I've litrally had the flat upside down. 
We've checked everywhere possible. 
He's black with a white belly, so he is a bit hard to see in the dark. Also he's only 11 weeks and hasn't had anythin done yet. 
My local vets won#t give them there jabs till there 12 weeks, and wont fix them tilll there 6 months ish.

I've called the rspca, the cats protection and all the vets! 

We have a main road to the front of the buildin, an abandoned car park to the back and a kitchen shop next door. 

The shop next door said they saw him hanging around, and tried to pick him up, but he ran off before they got close. 

I've put a note through everyones door in the near by area, so if one of them has picked him up, i'm hoping they'll call!


----------



## Lumboo (Mar 31, 2011)

blubell said:


> I've litrally had the flat upside down.
> We've checked everywhere possible.
> He's black with a white belly, so he is a bit hard to see in the dark. Also he's only 11 weeks and hasn't had anythin done yet.
> My local vets won#t give them there jabs till there 12 weeks, and wont fix them tilll there 6 months ish.
> ...


Oh I am so sorry he has gone outside. Is he microchipped or does he have a collar so anyone who finds him can contact you?

I am SO MAD with the builders on your behalf reading this. How could they have been so stupid!
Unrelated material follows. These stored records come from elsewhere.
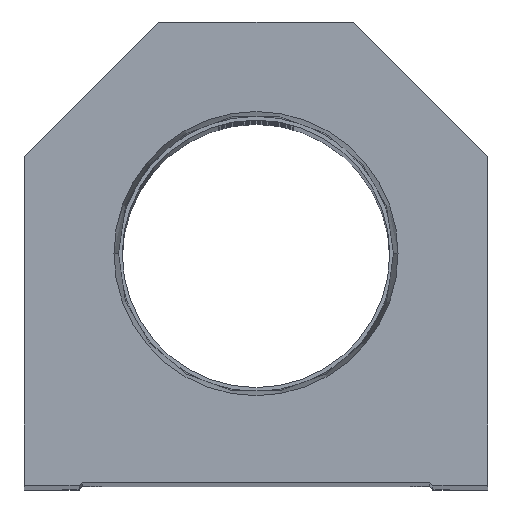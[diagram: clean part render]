
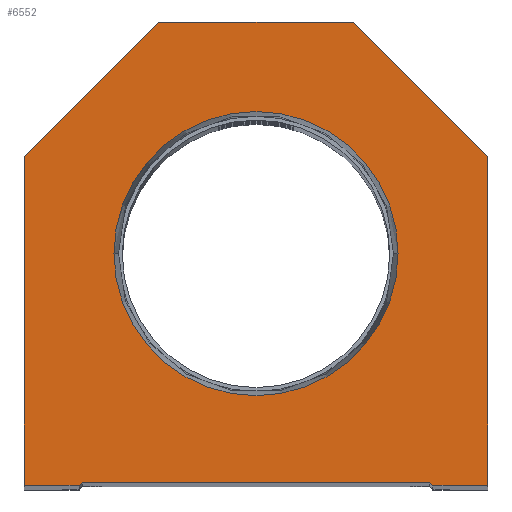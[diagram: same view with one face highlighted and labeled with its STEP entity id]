
A CAD part, top view. The second image highlights one B-rep face of the part: STEP entity #6552.
In plain terms, the highlighted planar face has unit normal (0, 0, 1).
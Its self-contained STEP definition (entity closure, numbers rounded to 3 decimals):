
#79 = EDGE_CURVE ( 'NONE', #3396, #2825, #9376, .T. ) ;
#221 = CARTESIAN_POINT ( 'NONE',  ( 16., 76.2, 0. ) ) ;
#261 = CARTESIAN_POINT ( 'NONE',  ( -28.6, 0.5, 0. ) ) ;
#264 = DIRECTION ( 'NONE',  ( 0., 1., 0. ) ) ;
#312 = DIRECTION ( 'NONE',  ( 0.707, -0.707, 0. ) ) ;
#706 = DIRECTION ( 'NONE',  ( 0., 0., 1. ) ) ;
#980 = VECTOR ( 'NONE', #10000, 1000. ) ;
#993 = LINE ( 'NONE', #3267, #13588 ) ;
#1274 = CARTESIAN_POINT ( 'NONE',  ( 38.1, 0., 0. ) ) ;
#1313 = VECTOR ( 'NONE', #16345, 1000. ) ;
#1403 = VECTOR ( 'NONE', #2230, 1000. ) ;
#1515 = CARTESIAN_POINT ( 'NONE',  ( 14.55, 14.55, 0. ) ) ;
#1667 = VECTOR ( 'NONE', #8024, 1000. ) ;
#1971 = CARTESIAN_POINT ( 'NONE',  ( -23.374, 38.1, 0. ) ) ;
#2105 = ORIENTED_EDGE ( 'NONE', *, *, #8599, .T. ) ;
#2230 = DIRECTION ( 'NONE',  ( 1., 0., 0. ) ) ;
#2252 = CARTESIAN_POINT ( 'NONE',  ( -38.1, 0., 0. ) ) ;
#2315 = VECTOR ( 'NONE', #312, 1000. ) ;
#2321 = CIRCLE ( 'NONE', #8839, 23.374 ) ;
#2506 = CARTESIAN_POINT ( 'NONE',  ( -14.55, 14.55, 0. ) ) ;
#2508 = DIRECTION ( 'NONE',  ( 0., 0., 1. ) ) ;
#2592 = EDGE_CURVE ( 'NONE', #16470, #3396, #15857, .T. ) ;
#2644 = DIRECTION ( 'NONE',  ( -0.707, -0.707, 0. ) ) ;
#2815 = CARTESIAN_POINT ( 'NONE',  ( -38.1, 54.1, 0. ) ) ;
#2825 = VERTEX_POINT ( 'NONE', #12220 ) ;
#2851 = EDGE_CURVE ( 'NONE', #16234, #8787, #15833, .T. ) ;
#2903 = ORIENTED_EDGE ( 'NONE', *, *, #9955, .T. ) ;
#3052 = CARTESIAN_POINT ( 'NONE',  ( 0., 38.1, 0. ) ) ;
#3107 = EDGE_CURVE ( 'NONE', #7142, #16234, #12624, .T. ) ;
#3215 = CARTESIAN_POINT ( 'NONE',  ( 16., 76.2, 0. ) ) ;
#3267 = CARTESIAN_POINT ( 'NONE',  ( 38.1, 54.1, 0. ) ) ;
#3396 = VERTEX_POINT ( 'NONE', #7117 ) ;
#3442 = DIRECTION ( 'NONE',  ( -0.707, 0.707, 0. ) ) ;
#3964 = ORIENTED_EDGE ( 'NONE', *, *, #79, .T. ) ;
#3981 = ORIENTED_EDGE ( 'NONE', *, *, #2592, .T. ) ;
#4141 = EDGE_CURVE ( 'NONE', #4899, #5385, #2321, .T. ) ;
#4550 = AXIS2_PLACEMENT_3D ( 'NONE', #8988, #2508, #11788 ) ;
#4691 = VECTOR ( 'NONE', #11805, 1000. ) ;
#4899 = VERTEX_POINT ( 'NONE', #1971 ) ;
#4960 = CARTESIAN_POINT ( 'NONE',  ( -28.6, 0., 0. ) ) ;
#5129 = ORIENTED_EDGE ( 'NONE', *, *, #6117, .F. ) ;
#5385 = VERTEX_POINT ( 'NONE', #5870 ) ;
#5458 = CARTESIAN_POINT ( 'NONE',  ( 28.6, 0.5, 0. ) ) ;
#5672 = EDGE_CURVE ( 'NONE', #2825, #16817, #11114, .T. ) ;
#5870 = CARTESIAN_POINT ( 'NONE',  ( 23.374, 38.1, 0. ) ) ;
#6117 = EDGE_CURVE ( 'NONE', #5385, #4899, #6981, .T. ) ;
#6401 = ORIENTED_EDGE ( 'NONE', *, *, #3107, .T. ) ;
#6456 = CARTESIAN_POINT ( 'NONE',  ( 28.6, 0., 0. ) ) ;
#6540 = ORIENTED_EDGE ( 'NONE', *, *, #7450, .T. ) ;
#6552 = ADVANCED_FACE ( 'NONE', ( #13637, #16568 ), #11157, .T. ) ;
#6785 = DIRECTION ( 'NONE',  ( -1., 0., 0. ) ) ;
#6981 = CIRCLE ( 'NONE', #4550, 23.374 ) ;
#7117 = CARTESIAN_POINT ( 'NONE',  ( -16., 76.2, 0. ) ) ;
#7142 = VERTEX_POINT ( 'NONE', #261 ) ;
#7268 = VERTEX_POINT ( 'NONE', #11797 ) ;
#7444 = CARTESIAN_POINT ( 'NONE',  ( -28.6, 0.5, 0. ) ) ;
#7450 = EDGE_CURVE ( 'NONE', #7268, #16470, #993, .T. ) ;
#7576 = AXIS2_PLACEMENT_3D ( 'NONE', #11414, #706, #10145 ) ;
#8024 = DIRECTION ( 'NONE',  ( 0.707, 0.707, 0. ) ) ;
#8093 = EDGE_LOOP ( 'NONE', ( #5129, #14618 ) ) ;
#8599 = EDGE_CURVE ( 'NONE', #10005, #7142, #15562, .T. ) ;
#8787 = VERTEX_POINT ( 'NONE', #14684 ) ;
#8839 = AXIS2_PLACEMENT_3D ( 'NONE', #3052, #12081, #9792 ) ;
#8988 = CARTESIAN_POINT ( 'NONE',  ( 0., 38.1, 0. ) ) ;
#9259 = CARTESIAN_POINT ( 'NONE',  ( -29.1, 0., 0. ) ) ;
#9376 = LINE ( 'NONE', #2815, #9576 ) ;
#9576 = VECTOR ( 'NONE', #2644, 1000. ) ;
#9792 = DIRECTION ( 'NONE',  ( 1., 0., 0. ) ) ;
#9955 = EDGE_CURVE ( 'NONE', #16817, #10005, #11262, .T. ) ;
#10000 = DIRECTION ( 'NONE',  ( 1., 0., 0. ) ) ;
#10005 = VERTEX_POINT ( 'NONE', #9259 ) ;
#10145 = DIRECTION ( 'NONE',  ( 1., 0., 0. ) ) ;
#10991 = ORIENTED_EDGE ( 'NONE', *, *, #16229, .T. ) ;
#11114 = LINE ( 'NONE', #16267, #1313 ) ;
#11157 = PLANE ( 'NONE',  #7576 ) ;
#11262 = LINE ( 'NONE', #4960, #1403 ) ;
#11414 = CARTESIAN_POINT ( 'NONE',  ( 0., 0., 0. ) ) ;
#11788 = DIRECTION ( 'NONE',  ( 1., 0., 0. ) ) ;
#11797 = CARTESIAN_POINT ( 'NONE',  ( 38.1, 54.1, 0. ) ) ;
#11805 = DIRECTION ( 'NONE',  ( 1., 0., 0. ) ) ;
#11810 = VECTOR ( 'NONE', #6785, 1000. ) ;
#12081 = DIRECTION ( 'NONE',  ( 0., 0., 1. ) ) ;
#12179 = LINE ( 'NONE', #16225, #15874 ) ;
#12220 = CARTESIAN_POINT ( 'NONE',  ( -38.1, 54.1, 0. ) ) ;
#12624 = LINE ( 'NONE', #7444, #980 ) ;
#13114 = VERTEX_POINT ( 'NONE', #1274 ) ;
#13588 = VECTOR ( 'NONE', #3442, 1000. ) ;
#13637 = FACE_BOUND ( 'NONE', #8093, .T. ) ;
#13897 = ORIENTED_EDGE ( 'NONE', *, *, #5672, .T. ) ;
#14506 = EDGE_LOOP ( 'NONE', ( #2903, #2105, #6401, #14589, #15137, #10991, #6540, #3981, #3964, #13897 ) ) ;
#14589 = ORIENTED_EDGE ( 'NONE', *, *, #2851, .T. ) ;
#14618 = ORIENTED_EDGE ( 'NONE', *, *, #4141, .F. ) ;
#14684 = CARTESIAN_POINT ( 'NONE',  ( 29.1, 0., 0. ) ) ;
#15137 = ORIENTED_EDGE ( 'NONE', *, *, #15518, .T. ) ;
#15518 = EDGE_CURVE ( 'NONE', #8787, #13114, #15590, .T. ) ;
#15562 = LINE ( 'NONE', #2506, #1667 ) ;
#15590 = LINE ( 'NONE', #6456, #4691 ) ;
#15833 = LINE ( 'NONE', #1515, #2315 ) ;
#15857 = LINE ( 'NONE', #3215, #11810 ) ;
#15874 = VECTOR ( 'NONE', #264, 1000. ) ;
#16225 = CARTESIAN_POINT ( 'NONE',  ( 38.1, 0., 0. ) ) ;
#16229 = EDGE_CURVE ( 'NONE', #13114, #7268, #12179, .T. ) ;
#16234 = VERTEX_POINT ( 'NONE', #5458 ) ;
#16267 = CARTESIAN_POINT ( 'NONE',  ( -38.1, 0., 0. ) ) ;
#16345 = DIRECTION ( 'NONE',  ( 0., -1., 0. ) ) ;
#16470 = VERTEX_POINT ( 'NONE', #221 ) ;
#16568 = FACE_OUTER_BOUND ( 'NONE', #14506, .T. ) ;
#16817 = VERTEX_POINT ( 'NONE', #2252 ) ;

I am really keeping my fingers crossed you get him back tonight. Poor thing must be petrified. x


----------



## lizward (Feb 29, 2008)

O gosh, this is horrible for you.

Letting everyone know is your first step. Depending on your situation, it may well be worth actually leaving the front door propped open so that if the kitten returns he can get in straight away. 

Liz


----------



## Ianthi (Oct 21, 2008)

Since you've had a positive sighting of him outside it's very likely he's still in the vicinity hiding somewhere nearby.

Hope you have some good news soon!


----------



## Philski (May 28, 2010)

NIGHTMARE. I can't add anything to what others have said re. looking for you kitten, but I hope you find him very soon.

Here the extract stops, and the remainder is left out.